The danios seemed a bit stunned by the lights, but I didn't have any plants ordered yet. Time to improvise. I'm sure they will melt, but regardless, I run out to the dock and grab a few handfuls of unidentified stems out of the lake. The zebras and oto seem to love them and settle down nicely.


----------



## jmhk (May 3, 2013)

*Step 3: Interior decorating*

To put it mildly, the types of freshwater plants available today were unimaginable back when I had my 20 gallon tank in the late 80's and early 90's. The IM Nuvo 16 gallon is mostly known for marine/reef use, but they recently added some 10K lights to their Skkye LED lineup that they are marketing for freshwater planted applications. IM shows PAR values for those lights that seem to be suitable for medium lighting in the center bottom of the tank and high lighting near the surface. I'm not ready to go high-tech with injected C02, but at least I shouldn't be limited to just anubias and java ferns! I buy some Flourish, Flourish Excel and Flourish tabs in preparation. 

Thanks to a purchase from the For Sale forum, I get quite the grab bag to start out. Let's see how many I can keep from murdering..... I yank out the unidentified lake weed (thanks for your sacrifice for the cause) and bin it.

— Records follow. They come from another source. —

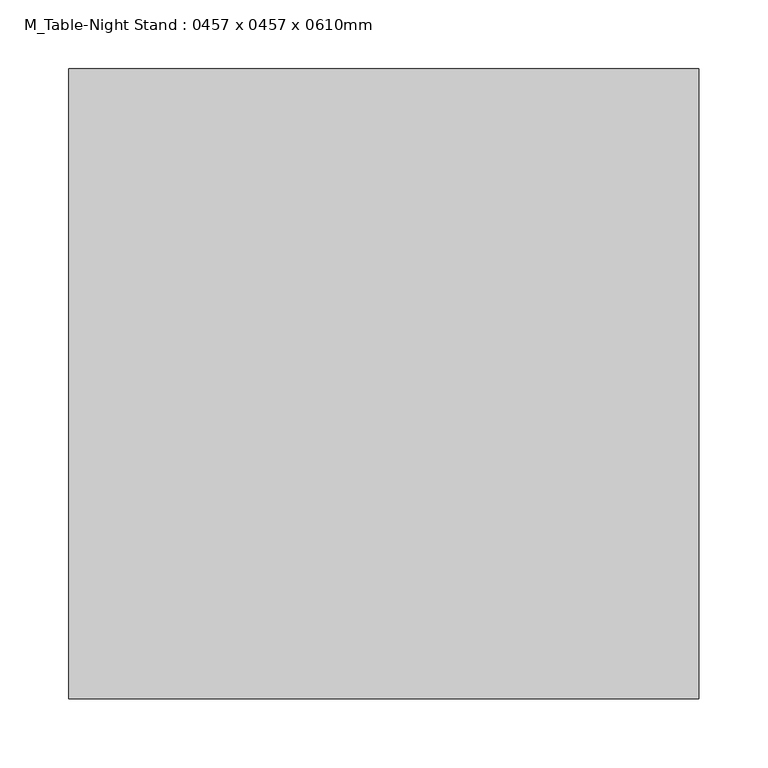
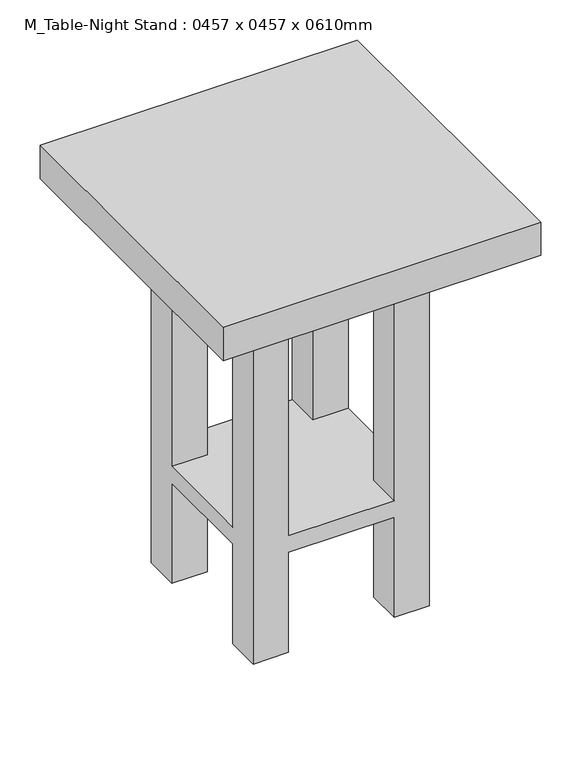
"""IFC4 building model written with IfcOpenShell, lengths in millimetres: furniture geometry, M_Table-Night Stand : 0457 x 0457 x 0610mm."""

import ifcopenshell
import ifcopenshell.guid

model = None  # the IFC model being written
_history = None  # IfcOwnerHistory: only IFC2X3 demands one
_inside = {}  # id of a spatial element -> (the spatial element, [elements in it])
_under = {}  # id of a project, library or spatial element -> (it, [spatial elements below it])
_declared = {}  # id of a project -> (the project, [libraries it declares])
_typed = {}  # id of a type object -> (the type object, [elements of that type])
_made_of = {}  # id of a material, layer set ... -> (it, [elements and type objects made of it])


def new_model(schema):
    """Start an empty IFC model of exactly this schema.

    Asked for "IFC4X3", IfcOpenShell would pick the latest addendum, in which some entities
    have other attributes; the version numbers below select the first issue.
    IFC2X3 requires an IfcOwnerHistory on every rooted entity: one is made here for all.
    """
    global model, _history
    if schema == "IFC4X3":
        model = ifcopenshell.file(schema_version=(4, 3, 0, 0))
    else:
        model = ifcopenshell.file(schema=schema)
    _inside.clear()
    _under.clear()
    _declared.clear()
    _typed.clear()
    _made_of.clear()
    _history = None
    if model.schema == "IFC2X3":
        org = make("IfcOrganization", Name="unknown")
        user = make(
            "IfcPersonAndOrganization",
            ThePerson=make("IfcPerson", FamilyName="unknown"),
            TheOrganization=org,
        )
        app = make(
            "IfcApplication",
            ApplicationDeveloper=org,
            Version="unknown",
            ApplicationFullName="unknown",
            ApplicationIdentifier="unknown",
        )
        _history = make(
            "IfcOwnerHistory",
            OwningUser=user,
            OwningApplication=app,
            ChangeAction="ADDED",
            CreationDate=0,
        )
    return model


def make(cls, **values):
    """One entity of the class cls with the attributes given. An attribute that is None is left unset."""
    return model.create_entity(
        cls, **{name: value for name, value in values.items() if value is not None}
    )


def rooted(cls, **values):
    """An entity with a GlobalId (a new one), such as an element, a storey or a relation."""
    return make(cls, GlobalId=ifcopenshell.guid.new(), OwnerHistory=_history, **values)


def si_unit(unit_type, name, prefix=None):
    """IfcSIUnit, for example si_unit("LENGTHUNIT", "METRE", prefix="MILLI")."""
    return make("IfcSIUnit", UnitType=unit_type, Prefix=prefix, Name=name)


def assignment(units):
    """IfcUnitAssignment: the units of a project."""
    return None if units is None else make("IfcUnitAssignment", Units=units)


def point(xyz):
    """IfcCartesianPoint."""
    return None if xyz is None else make("IfcCartesianPoint", Coordinates=xyz)


def direction(xyz):
    """IfcDirection."""
    return None if xyz is None else make("IfcDirection", DirectionRatios=xyz)


def frame(location, z_axis=None, x_axis=None):
    """IfcAxis2Placement3D, a coordinate frame: its origin and axes. An axis left out is left unset."""
    return make(
        "IfcAxis2Placement3D",
        Location=point(location),
        Axis=direction(z_axis),
        RefDirection=direction(x_axis),
    )


def origin():
    """The frame at (0, 0, 0) with its axes left unset."""
    return frame((0.0, 0.0, 0.0))


def place(relative_to, where):
    """IfcLocalPlacement: puts the frame where relative to a parent placement (None: the world)."""
    return make(
        "IfcLocalPlacement", PlacementRelTo=relative_to, RelativePlacement=where
    )


def context(
    kind, dimensions, precision=None, world=None, true_north=None, identifier=None
):
    """IfcGeometricRepresentationContext, for example the 3D "Model" context."""
    return make(
        "IfcGeometricRepresentationContext",
        ContextIdentifier=identifier,
        ContextType=kind,
        CoordinateSpaceDimension=dimensions,
        Precision=precision,
        WorldCoordinateSystem=world,
        TrueNorth=true_north,
    )


def project(units=None, contexts=None):
    """IfcProject with its units and contexts."""
    return rooted(
        "IfcProject",
        Name="project",
        RepresentationContexts=contexts,
        UnitsInContext=assignment(units),
    )


def spatial(cls, under=None, at=None, **own):
    """A site, building, storey or space (cls), placed at a placement, below another one or the project."""
    s = rooted(cls, ObjectPlacement=at, **own)
    if under is not None:
        _under.setdefault(under.id(), (under, []))[1].append(s)
    return s


def polyline(points):
    """IfcPolyline through the points."""
    return make("IfcPolyline", Points=[point(p) for p in points])


def outline(outer, holes=None, kind="AREA"):
    """IfcArbitraryClosedProfileDef: a profile drawn as a closed curve; with holes, ...WithVoids."""
    if holes is None:
        return make("IfcArbitraryClosedProfileDef", ProfileType=kind, OuterCurve=outer)
    return make(
        "IfcArbitraryProfileDefWithVoids",
        ProfileType=kind,
        OuterCurve=outer,
        InnerCurves=holes,
    )


def extrude(swept, where, along, depth):
    """IfcExtrudedAreaSolid: the profile swept, set in the frame where, extruded along a direction by depth."""
    return make(
        "IfcExtrudedAreaSolid",
        SweptArea=swept,
        Position=where,
        ExtrudedDirection=direction(along),
        Depth=depth,
    )


def faces_of(points, faces, orient=None, outer=None):
    """IfcFace entities. A face is a list of loops; a loop is a list of indices into points, from 0.

    orient and outer hold one flag for each loop. By default every Orientation is true, the
    first loop of a face is its IfcFaceOuterBound and the others are IfcFaceBound.
    """
    made = []
    for i, loops in enumerate(faces):
        bounds = []
        for j, loop in enumerate(loops):
            is_outer = j == 0 if outer is None else outer[i][j]
            bounds.append(
                make(
                    "IfcFaceOuterBound" if is_outer else "IfcFaceBound",
                    Bound=make("IfcPolyLoop", Polygon=[points[k] for k in loop]),
                    Orientation=True if orient is None else orient[i][j],
                )
            )
        made.append(make("IfcFace", Bounds=bounds))
    return made


def faceted_brep(points, faces, orient=None, outer=None, voids=None):
    """IfcFacetedBrep: a solid bounded by flat faces; with voids (closed shells), ...WithVoids."""
    shared = [point(p) for p in points]
    hull = make("IfcClosedShell", CfsFaces=faces_of(shared, faces, orient, outer))
    if voids is None:
        return make("IfcFacetedBrep", Outer=hull)
    return make(
        "IfcFacetedBrepWithVoids",
        Outer=hull,
        Voids=[
            make(cls, CfsFaces=faces_of(shared, fs, o, b)) for cls, fs, o, b in voids
        ],
    )


def shape(context_of_items, identifier, shape_type, items):
    """IfcShapeRepresentation: the items that make up one representation, for example the "Body"."""
    return make(
        "IfcShapeRepresentation",
        ContextOfItems=context_of_items,
        RepresentationIdentifier=identifier,
        RepresentationType=shape_type,
        Items=items,
    )


def source(mapping_origin, context_of_items, identifier, shape_type, items):
    """IfcRepresentationMap: a shape defined once, which mapped items show again and again."""
    return make(
        "IfcRepresentationMap",
        MappingOrigin=mapping_origin,
        MappedRepresentation=shape(context_of_items, identifier, shape_type, items),
    )


def transform(
    local_origin,
    x_axis=None,
    y_axis=None,
    z_axis=None,
    scale=None,
    scale2=None,
    scale3=None,
    uniform=True,
):
    """IfcCartesianTransformationOperator3D, or its non-uniform kind. x_axis, y_axis, z_axis: its Axis1, 2, 3."""
    if uniform:
        return make(
            "IfcCartesianTransformationOperator3D",
            Axis1=direction(x_axis),
            Axis2=direction(y_axis),
            LocalOrigin=point(local_origin),
            Scale=scale,
            Axis3=direction(z_axis),
        )
    return make(
        "IfcCartesianTransformationOperator3DnonUniform",
        Axis1=direction(x_axis),
        Axis2=direction(y_axis),
        LocalOrigin=point(local_origin),
        Scale=scale,
        Axis3=direction(z_axis),
        Scale2=scale2,
        Scale3=scale3,
    )


def mapped(mapping_source, mapping_target):
    """IfcMappedItem: shows the shape of a source again, moved by a transform."""
    return make(
        "IfcMappedItem", MappingSource=mapping_source, MappingTarget=mapping_target
    )


def made_of(thing, what):
    """Note that an element or type object is made of a material, layer set ...; save() writes the relation."""
    if what is not None:
        _made_of.setdefault(what.id(), (what, []))[1].append(thing)
    return thing


def element(
    cls,
    number,
    at=None,
    inside=None,
    cuts=None,
    type_object=None,
    material=None,
    context=None,
    identifier="Body",
    shape_type=None,
    held_by="IfcProductDefinitionShape",
    body=None,
    shapes=None,
    **own,
):
    """One element of the class cls, such as IfcWall. Its Tag is "e" and its number.

    at: its placement. inside: the storey or other place that contains it. cuts: it is an
    opening in that element (IfcRelVoidsElement). A single representation is given by context,
    identifier, shape_type and body (its items); several are given by shapes. held_by: the class
    of the entity that holds the representations. save() writes the other relations.
    """
    e = rooted(cls, Tag="e%d" % number, ObjectPlacement=at, **own)
    if body is not None:
        shapes = [shape(context, identifier, shape_type, body)]
    if shapes is not None:
        e.Representation = make(held_by, Representations=shapes)
    if inside is not None:
        _inside.setdefault(inside.id(), (inside, []))[1].append(e)
    if cuts is not None:
        rooted(
            "IfcRelVoidsElement", RelatingBuildingElement=cuts, RelatedOpeningElement=e
        )
    if type_object is not None:
        _typed.setdefault(type_object.id(), (type_object, []))[1].append(e)
    return made_of(e, material)


def aggregate(whole, parts):
    """IfcRelAggregates: a whole, such as a stair, and the parts it consists of."""
    return rooted("IfcRelAggregates", RelatingObject=whole, RelatedObjects=parts)


def save(model, path):
    """Write the relations noted so far, then the file.

    IfcRelAggregates (storeys below a building ...), IfcRelContainedInSpatialStructure (elements
    in a storey), IfcRelDefinesByType, IfcRelAssociatesMaterial and IfcRelDeclares: one each for
    every whole, place, type object, material and project.
    """
    for whole, parts in _under.values():
        aggregate(whole, parts)
    for where, things in _inside.values():
        rooted(
            "IfcRelContainedInSpatialStructure",
            RelatedElements=things,
            RelatingStructure=where,
        )
    for kind, things in _typed.values():
        rooted("IfcRelDefinesByType", RelatedObjects=things, RelatingType=kind)
    for what, things in _made_of.values():
        rooted("IfcRelAssociatesMaterial", RelatedObjects=things, RelatingMaterial=what)
    for by, libraries in _declared.values():
        rooted("IfcRelDeclares", RelatingContext=by, RelatedDefinitions=libraries)
    model.write(path)


def m_table_night_stand_0457_x_0457_x_0610mm_e3011d0a(model_context):
    return source(origin(), model_context, "Body", "SolidModel", [
        faceted_brep([(156.1336303, 355.4, 559.2), (105.3336303, 355.4, 559.2), (105.3336303, 304.6, 559.2), (156.1336303, 304.6, 559.2), (156.1336303, 152.4, 559.2), (105.3336303, 152.4, 559.2), (105.3336303, 101.6, 559.2), (156.1336303, 101.6, 559.2), (359.1336303, 355.4, 559.2), (308.3336303, 355.4, 559.2), (308.3336303, 304.6, 559.2), (359.1336303, 304.6, 559.2), (359.1336303, 152.4, 559.2), (308.3336303, 152.4, 559.2), (308.3336303, 101.6, 559.2), (359.1336303, 101.6, 559.2), (156.1336303, 355.4, 0.0), (156.1336303, 304.6, 0.0), (105.3336303, 304.6, 0.0), (105.3336303, 355.4, 0.0), (156.1336303, 152.4, 0.0), (156.1336303, 101.6, 0.0), (105.3336303, 101.6, 0.0), (105.3336303, 152.4, 0.0), (359.1336303, 355.4, 0.0), (359.1336303, 304.6, 0.0), (308.3336303, 304.6, 0.0), (308.3336303, 355.4, 0.0), (359.1336303, 152.4, 0.0), (359.1336303, 101.6, 0.0), (308.3336303, 101.6, 0.0), (308.3336303, 152.4, 0.0), (156.1336303, 355.4, 177.8), (308.3336303, 355.4, 177.8), (308.3336303, 355.4, 152.4), (156.1336303, 355.4, 152.4), (105.3336303, 304.6, 152.4), (105.3336303, 152.4, 152.4), (105.3336303, 152.4, 177.8), (105.3336303, 304.6, 177.8), (156.1336303, 304.6, 177.8), (156.1336303, 304.6, 152.4), (156.1336303, 152.4, 177.8), (156.1336303, 152.4, 152.4), (156.1336303, 101.6, 152.4), (308.3336303, 101.6, 152.4), (308.3336303, 101.6, 177.8), (156.1336303, 101.6, 177.8), (308.3336303, 304.6, 177.8), (308.3336303, 304.6, 152.4), (359.1336303, 304.6, 177.8), (359.1336303, 304.6, 152.4), (359.1336303, 152.4, 177.8), (359.1336303, 152.4, 152.4), (308.3336303, 152.4, 177.8), (308.3336303, 152.4, 152.4)], [[[0, 1, 2, 3]], [[4, 5, 6, 7]], [[8, 9, 10, 11]], [[12, 13, 14, 15]], [[16, 17, 18, 19]], [[20, 21, 22, 23]], [[24, 25, 26, 27]], [[28, 29, 30, 31]], [[1, 0, 32, 33, 9, 8, 24, 27, 34, 35, 16, 19]], [[2, 1, 19, 18, 36, 37, 23, 22, 6, 5, 38, 39]], [[3, 2, 39, 40]], [[18, 17, 41, 36]], [[0, 3, 40, 32]], [[17, 16, 35, 41]], [[5, 4, 42, 38]], [[20, 23, 37, 43]], [[7, 6, 22, 21, 44, 45, 30, 29, 15, 14, 46, 47]], [[4, 7, 47, 42]], [[21, 20, 43, 44]], [[10, 9, 33, 48]], [[27, 26, 49, 34]], [[11, 10, 48, 50]], [[26, 25, 51, 49]], [[8, 11, 50, 52, 12, 15, 29, 28, 53, 51, 25, 24]], [[13, 12, 52, 54]], [[28, 31, 55, 53]], [[14, 13, 54, 46]], [[31, 30, 45, 55]], [[39, 38, 42, 47, 46, 54, 52, 50, 48, 33, 32, 40]], [[35, 34, 49, 51, 53, 55, 45, 44, 43, 37, 36, 41]]]),
        extrude(outline(polyline([(460.7336303, 0.0), (3.7336303, 0.0), (3.7336303, 457.0), (460.7336303, 457.0), (460.7336303, 0.0)])), frame((0.0, 0.0, 559.2), z_axis=(0.0, 0.0, 1.0), x_axis=(1.0, 0.0, 0.0)), (0.0, 0.0, 1.0), 50.8),
    ])


if __name__ == "__main__":
    model = new_model("IFC4")
    model_context = context("Model", 3, world=origin())
    ifc_project = project(units=[si_unit("LENGTHUNIT", "METRE", prefix="MILLI")], contexts=[model_context])
    site = spatial("IfcSite", under=ifc_project)
    building = spatial("IfcBuilding", under=site)
    placement = place(None, origin())
    m_table_night_stand_0457_x_0457_x_0610mm_shape = m_table_night_stand_0457_x_0457_x_0610mm_e3011d0a(model_context)
    element("IfcFurniture", 1, ObjectType="M_Table-Night Stand : 0457 x 0457 x 0610mm", at=placement, inside=building, context=model_context, shape_type="MappedRepresentation", body=[
        mapped(m_table_night_stand_0457_x_0457_x_0610mm_shape, transform((0.0, 0.0, 0.0), x_axis=(1.0, 0.0, 0.0), y_axis=(0.0, 1.0, 0.0), z_axis=(0.0, 0.0, 1.0))),
    ])
    save(model, "model.ifc")

# Revit data of these elements
# Type "M_Table-Night Stand : 0457 x 0457 x 0610mm"
#   Depth = 0.457 m
#   Height = 0.61 m
#   Width = 0.457 m
#   Base Material = Birch
#   Top Material = Laminate, Ivory, Matte
# Element 1 (IfcFurniture, "M_Table-Night Stand : 0457 x 0457 x 0610mm")
#   Materials on its faces: "Birch", "Laminate, Ivory, Matte"
# Materials
#   "Birch": class "Wood", colour RGB 224 178 126, transparency 0, Description = "Betula Alleghaniensis", Cost = 0
#   "Laminate, Ivory, Matte": class "Plastic", colour RGB 247 247 239, transparency 0, Description = "Plastic Laminate - Ivory, Matte", Cost = 0

A few hours later, I have done my best to figure out which plant is which and find a somewhat appropriate place for each. Getting some of them to stay where I wanted it wasn't easy - do you get better at it with time? I thought the tongs I bought would make it a breeze but I still got frustrated. Push it in, smooth the substrate, step back and admire, watch it float to the surface :icon_mad:. Repeat..... Finally finished up late last night.

Hopefully it will fill in nicely in the next months. Some of the Rotalas are currently hidden behind the taller stones, but they should peek out in a few weeks. 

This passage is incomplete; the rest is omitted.